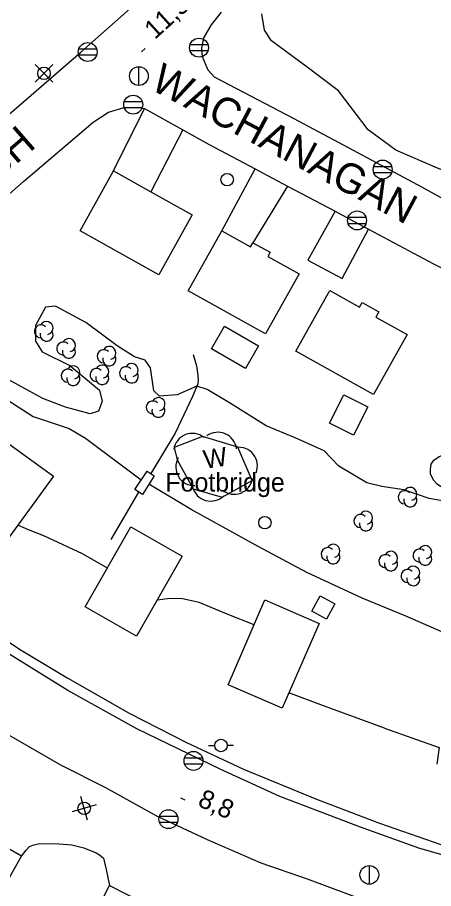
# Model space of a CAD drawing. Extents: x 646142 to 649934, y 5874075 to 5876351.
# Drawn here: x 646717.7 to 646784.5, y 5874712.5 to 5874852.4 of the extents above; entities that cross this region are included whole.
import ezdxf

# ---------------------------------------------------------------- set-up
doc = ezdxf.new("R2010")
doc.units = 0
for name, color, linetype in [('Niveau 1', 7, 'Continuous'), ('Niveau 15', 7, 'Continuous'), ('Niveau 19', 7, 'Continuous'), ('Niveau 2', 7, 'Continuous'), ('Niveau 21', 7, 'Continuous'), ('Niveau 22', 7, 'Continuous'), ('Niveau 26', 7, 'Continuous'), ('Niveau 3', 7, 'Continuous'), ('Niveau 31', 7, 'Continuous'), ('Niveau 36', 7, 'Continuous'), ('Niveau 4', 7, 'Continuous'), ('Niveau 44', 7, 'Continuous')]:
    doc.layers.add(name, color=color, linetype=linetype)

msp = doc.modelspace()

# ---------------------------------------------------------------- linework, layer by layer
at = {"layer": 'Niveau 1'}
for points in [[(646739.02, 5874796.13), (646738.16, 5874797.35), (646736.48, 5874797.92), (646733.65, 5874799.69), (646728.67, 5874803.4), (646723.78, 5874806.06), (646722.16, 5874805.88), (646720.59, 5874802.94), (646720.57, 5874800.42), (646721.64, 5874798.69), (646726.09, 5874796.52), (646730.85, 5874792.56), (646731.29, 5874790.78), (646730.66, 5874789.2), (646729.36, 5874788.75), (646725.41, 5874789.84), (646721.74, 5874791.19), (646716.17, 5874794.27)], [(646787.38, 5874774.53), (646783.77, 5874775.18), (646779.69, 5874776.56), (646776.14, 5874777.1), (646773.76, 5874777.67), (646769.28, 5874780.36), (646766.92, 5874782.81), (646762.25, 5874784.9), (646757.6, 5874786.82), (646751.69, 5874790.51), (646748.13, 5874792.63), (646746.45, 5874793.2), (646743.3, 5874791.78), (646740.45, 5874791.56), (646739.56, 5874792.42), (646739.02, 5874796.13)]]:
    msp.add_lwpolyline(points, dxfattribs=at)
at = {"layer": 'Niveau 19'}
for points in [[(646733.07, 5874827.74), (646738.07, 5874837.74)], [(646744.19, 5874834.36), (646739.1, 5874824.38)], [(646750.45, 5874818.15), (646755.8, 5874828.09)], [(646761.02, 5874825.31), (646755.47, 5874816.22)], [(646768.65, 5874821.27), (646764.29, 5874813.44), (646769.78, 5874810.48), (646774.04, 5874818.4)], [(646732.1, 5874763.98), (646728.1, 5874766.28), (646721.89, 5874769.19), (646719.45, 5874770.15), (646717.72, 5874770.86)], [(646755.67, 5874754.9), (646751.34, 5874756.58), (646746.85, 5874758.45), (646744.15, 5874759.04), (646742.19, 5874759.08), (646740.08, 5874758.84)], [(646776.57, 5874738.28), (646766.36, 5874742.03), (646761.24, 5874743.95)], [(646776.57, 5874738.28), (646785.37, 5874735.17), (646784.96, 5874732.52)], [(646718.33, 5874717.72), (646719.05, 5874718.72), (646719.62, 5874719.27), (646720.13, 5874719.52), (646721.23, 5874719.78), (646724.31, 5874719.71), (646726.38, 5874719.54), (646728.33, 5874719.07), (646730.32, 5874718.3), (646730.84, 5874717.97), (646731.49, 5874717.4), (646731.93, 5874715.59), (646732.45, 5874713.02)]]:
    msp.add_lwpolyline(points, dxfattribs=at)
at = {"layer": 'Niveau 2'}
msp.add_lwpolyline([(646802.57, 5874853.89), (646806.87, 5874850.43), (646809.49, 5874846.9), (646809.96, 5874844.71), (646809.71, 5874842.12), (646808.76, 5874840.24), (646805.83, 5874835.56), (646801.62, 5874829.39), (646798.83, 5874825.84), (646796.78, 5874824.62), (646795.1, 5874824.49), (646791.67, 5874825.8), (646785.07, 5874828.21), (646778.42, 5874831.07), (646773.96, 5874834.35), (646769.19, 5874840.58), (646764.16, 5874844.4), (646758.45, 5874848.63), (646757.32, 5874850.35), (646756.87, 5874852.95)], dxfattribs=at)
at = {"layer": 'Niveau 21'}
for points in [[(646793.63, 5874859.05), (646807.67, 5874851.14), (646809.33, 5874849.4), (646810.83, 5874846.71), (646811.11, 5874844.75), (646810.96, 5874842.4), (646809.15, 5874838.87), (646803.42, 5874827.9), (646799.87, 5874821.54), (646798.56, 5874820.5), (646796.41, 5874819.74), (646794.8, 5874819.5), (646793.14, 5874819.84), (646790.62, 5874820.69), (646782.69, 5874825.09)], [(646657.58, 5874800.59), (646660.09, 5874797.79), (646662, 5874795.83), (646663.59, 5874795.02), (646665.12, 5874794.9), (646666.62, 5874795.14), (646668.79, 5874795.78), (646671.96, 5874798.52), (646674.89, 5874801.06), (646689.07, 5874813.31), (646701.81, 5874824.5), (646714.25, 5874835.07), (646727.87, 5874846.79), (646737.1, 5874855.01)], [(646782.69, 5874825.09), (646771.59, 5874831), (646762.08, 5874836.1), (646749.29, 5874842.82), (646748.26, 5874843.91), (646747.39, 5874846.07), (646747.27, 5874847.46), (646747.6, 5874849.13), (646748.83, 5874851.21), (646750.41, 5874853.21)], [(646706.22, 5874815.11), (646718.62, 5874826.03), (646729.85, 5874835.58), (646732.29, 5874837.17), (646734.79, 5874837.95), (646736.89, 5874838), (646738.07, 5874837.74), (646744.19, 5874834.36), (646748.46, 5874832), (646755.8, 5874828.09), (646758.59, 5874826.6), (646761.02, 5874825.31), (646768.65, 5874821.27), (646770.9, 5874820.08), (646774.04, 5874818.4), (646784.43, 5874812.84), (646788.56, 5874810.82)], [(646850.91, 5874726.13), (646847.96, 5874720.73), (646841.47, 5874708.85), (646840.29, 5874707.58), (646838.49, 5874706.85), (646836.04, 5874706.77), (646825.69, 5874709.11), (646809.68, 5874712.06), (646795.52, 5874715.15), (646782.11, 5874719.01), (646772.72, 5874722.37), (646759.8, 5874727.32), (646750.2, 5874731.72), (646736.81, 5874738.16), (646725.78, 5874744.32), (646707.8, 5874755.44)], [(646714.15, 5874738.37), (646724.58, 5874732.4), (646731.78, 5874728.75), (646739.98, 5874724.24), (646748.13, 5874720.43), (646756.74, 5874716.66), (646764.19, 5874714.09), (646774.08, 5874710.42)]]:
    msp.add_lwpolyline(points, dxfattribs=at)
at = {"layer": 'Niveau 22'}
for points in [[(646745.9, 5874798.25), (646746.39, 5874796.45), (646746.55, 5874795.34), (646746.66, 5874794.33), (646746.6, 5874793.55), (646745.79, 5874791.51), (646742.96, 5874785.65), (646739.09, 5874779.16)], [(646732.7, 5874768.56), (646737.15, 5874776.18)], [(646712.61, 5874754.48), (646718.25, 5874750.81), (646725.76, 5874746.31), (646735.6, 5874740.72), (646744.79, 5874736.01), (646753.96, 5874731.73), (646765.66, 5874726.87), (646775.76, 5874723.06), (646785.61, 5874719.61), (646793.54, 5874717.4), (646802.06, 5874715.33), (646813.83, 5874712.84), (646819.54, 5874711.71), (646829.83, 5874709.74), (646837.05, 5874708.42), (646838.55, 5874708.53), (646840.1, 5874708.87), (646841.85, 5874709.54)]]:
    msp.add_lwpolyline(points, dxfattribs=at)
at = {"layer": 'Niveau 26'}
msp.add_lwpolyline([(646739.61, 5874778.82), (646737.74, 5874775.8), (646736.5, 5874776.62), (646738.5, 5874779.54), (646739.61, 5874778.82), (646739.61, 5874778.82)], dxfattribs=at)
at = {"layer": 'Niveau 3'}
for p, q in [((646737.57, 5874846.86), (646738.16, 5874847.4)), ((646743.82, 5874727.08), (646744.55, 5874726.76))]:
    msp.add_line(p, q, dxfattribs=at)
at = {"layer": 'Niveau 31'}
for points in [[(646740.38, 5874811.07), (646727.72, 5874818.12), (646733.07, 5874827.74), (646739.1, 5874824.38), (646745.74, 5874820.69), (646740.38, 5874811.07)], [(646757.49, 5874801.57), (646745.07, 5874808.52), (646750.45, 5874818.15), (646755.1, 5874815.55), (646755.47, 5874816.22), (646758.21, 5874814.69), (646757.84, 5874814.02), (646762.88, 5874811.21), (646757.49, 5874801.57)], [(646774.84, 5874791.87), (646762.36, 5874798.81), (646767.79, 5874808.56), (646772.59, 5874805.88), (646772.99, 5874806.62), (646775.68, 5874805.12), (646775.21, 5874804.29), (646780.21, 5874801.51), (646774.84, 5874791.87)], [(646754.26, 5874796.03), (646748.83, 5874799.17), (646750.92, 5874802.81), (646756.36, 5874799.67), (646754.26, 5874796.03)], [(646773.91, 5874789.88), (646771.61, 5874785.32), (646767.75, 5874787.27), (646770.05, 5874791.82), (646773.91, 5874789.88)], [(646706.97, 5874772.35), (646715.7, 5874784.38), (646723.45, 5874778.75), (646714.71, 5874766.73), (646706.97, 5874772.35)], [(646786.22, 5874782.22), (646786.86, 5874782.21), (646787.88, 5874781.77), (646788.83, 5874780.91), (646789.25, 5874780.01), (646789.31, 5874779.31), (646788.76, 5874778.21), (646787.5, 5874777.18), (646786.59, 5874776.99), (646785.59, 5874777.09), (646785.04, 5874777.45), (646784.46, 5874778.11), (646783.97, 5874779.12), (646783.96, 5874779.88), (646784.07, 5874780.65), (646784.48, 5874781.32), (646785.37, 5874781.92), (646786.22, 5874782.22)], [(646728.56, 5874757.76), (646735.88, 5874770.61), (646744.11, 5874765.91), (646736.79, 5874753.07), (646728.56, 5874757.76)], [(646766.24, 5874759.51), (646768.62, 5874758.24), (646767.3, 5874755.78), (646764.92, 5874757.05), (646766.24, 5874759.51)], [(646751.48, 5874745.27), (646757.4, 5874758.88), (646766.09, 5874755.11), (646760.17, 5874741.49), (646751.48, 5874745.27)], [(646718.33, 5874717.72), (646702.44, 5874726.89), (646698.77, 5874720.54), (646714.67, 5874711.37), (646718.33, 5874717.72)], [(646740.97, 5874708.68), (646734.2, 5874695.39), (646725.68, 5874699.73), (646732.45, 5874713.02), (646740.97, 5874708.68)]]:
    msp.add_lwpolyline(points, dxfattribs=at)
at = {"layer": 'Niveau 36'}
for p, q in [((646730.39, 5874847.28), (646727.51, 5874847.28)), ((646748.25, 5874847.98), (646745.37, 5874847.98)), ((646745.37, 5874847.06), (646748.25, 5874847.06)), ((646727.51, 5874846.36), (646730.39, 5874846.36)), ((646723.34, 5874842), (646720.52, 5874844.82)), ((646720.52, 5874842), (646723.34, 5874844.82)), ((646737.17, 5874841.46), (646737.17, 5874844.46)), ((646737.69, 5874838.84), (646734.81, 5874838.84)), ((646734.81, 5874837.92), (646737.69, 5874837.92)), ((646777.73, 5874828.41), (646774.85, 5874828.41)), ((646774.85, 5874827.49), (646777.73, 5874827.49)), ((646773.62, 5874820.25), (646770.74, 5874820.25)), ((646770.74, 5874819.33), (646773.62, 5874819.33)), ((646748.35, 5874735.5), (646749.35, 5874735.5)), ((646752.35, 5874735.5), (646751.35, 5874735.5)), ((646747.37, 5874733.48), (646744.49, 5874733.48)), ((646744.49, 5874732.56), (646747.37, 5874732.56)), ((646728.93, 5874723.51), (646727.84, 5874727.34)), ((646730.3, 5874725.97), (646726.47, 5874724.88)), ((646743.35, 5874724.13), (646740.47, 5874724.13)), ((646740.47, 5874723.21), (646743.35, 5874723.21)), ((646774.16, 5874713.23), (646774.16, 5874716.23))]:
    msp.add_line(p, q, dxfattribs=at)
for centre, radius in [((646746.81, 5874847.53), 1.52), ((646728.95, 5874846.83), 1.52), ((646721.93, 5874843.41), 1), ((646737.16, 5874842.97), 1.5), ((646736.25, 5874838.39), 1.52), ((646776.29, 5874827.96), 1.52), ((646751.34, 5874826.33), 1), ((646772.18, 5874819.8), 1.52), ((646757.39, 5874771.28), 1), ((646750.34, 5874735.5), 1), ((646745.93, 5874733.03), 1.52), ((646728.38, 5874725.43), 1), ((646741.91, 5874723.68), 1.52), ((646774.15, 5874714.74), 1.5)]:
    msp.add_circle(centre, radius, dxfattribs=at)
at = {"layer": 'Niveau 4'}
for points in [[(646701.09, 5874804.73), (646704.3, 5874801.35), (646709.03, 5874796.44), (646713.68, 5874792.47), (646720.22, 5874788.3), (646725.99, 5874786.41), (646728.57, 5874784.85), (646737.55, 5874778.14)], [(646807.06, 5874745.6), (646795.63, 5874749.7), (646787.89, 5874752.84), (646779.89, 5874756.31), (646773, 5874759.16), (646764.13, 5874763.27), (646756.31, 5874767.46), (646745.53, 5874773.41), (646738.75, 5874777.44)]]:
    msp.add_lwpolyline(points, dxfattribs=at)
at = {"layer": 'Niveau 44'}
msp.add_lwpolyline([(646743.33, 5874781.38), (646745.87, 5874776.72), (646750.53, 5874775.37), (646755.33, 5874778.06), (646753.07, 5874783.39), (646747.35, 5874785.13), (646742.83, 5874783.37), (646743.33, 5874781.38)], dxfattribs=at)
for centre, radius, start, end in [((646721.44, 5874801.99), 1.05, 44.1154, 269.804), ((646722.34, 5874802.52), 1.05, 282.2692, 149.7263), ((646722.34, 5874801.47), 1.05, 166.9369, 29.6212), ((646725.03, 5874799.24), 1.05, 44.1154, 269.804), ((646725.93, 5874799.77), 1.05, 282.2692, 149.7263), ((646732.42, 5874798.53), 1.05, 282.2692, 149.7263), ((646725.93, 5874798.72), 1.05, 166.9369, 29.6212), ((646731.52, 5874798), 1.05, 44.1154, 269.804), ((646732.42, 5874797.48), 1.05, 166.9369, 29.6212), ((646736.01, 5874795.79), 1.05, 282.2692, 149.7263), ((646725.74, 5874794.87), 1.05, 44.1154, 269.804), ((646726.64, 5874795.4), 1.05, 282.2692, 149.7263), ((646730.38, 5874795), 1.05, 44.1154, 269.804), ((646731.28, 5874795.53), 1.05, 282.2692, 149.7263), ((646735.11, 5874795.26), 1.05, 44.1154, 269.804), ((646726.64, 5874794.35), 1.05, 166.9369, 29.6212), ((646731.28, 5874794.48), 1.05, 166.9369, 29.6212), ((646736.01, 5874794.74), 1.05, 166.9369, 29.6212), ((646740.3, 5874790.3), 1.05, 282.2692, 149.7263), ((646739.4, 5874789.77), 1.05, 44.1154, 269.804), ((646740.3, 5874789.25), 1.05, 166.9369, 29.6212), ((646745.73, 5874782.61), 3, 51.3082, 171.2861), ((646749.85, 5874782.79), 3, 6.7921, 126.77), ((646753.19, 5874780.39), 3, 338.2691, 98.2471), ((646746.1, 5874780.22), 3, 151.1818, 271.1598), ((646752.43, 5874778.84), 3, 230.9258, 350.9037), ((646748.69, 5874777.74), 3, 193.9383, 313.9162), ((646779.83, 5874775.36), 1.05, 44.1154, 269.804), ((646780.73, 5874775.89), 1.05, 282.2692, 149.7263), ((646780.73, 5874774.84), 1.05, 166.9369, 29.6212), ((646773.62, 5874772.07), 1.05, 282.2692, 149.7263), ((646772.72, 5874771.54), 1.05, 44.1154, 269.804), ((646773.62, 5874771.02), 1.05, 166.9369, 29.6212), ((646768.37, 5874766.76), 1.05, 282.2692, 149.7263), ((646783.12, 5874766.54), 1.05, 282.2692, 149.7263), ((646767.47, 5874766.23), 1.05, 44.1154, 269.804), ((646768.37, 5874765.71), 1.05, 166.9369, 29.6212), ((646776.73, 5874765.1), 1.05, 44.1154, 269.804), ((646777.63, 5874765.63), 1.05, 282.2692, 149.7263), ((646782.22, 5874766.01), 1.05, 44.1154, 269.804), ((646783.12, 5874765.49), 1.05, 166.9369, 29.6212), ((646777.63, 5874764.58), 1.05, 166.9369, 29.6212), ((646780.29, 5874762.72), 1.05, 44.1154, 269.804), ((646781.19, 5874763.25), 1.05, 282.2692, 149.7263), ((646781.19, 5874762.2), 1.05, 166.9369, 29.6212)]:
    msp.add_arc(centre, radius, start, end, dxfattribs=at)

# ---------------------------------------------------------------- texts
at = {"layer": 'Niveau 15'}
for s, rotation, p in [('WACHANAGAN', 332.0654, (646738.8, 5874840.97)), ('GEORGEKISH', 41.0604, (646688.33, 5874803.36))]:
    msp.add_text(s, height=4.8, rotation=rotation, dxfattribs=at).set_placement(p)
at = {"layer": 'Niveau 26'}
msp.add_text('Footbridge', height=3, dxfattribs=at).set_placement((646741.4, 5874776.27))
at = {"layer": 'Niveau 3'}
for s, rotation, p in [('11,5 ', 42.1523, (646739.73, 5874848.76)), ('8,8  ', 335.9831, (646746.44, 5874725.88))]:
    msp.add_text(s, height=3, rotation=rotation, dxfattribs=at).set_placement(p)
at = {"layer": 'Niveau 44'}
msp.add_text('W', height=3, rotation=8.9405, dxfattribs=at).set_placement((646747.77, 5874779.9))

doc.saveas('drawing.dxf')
*****
REQUIREMENT: The answer must be a single number: the count of lines in the listing that hold the word "name".

RESULT FOR THIS EXERCISE: 2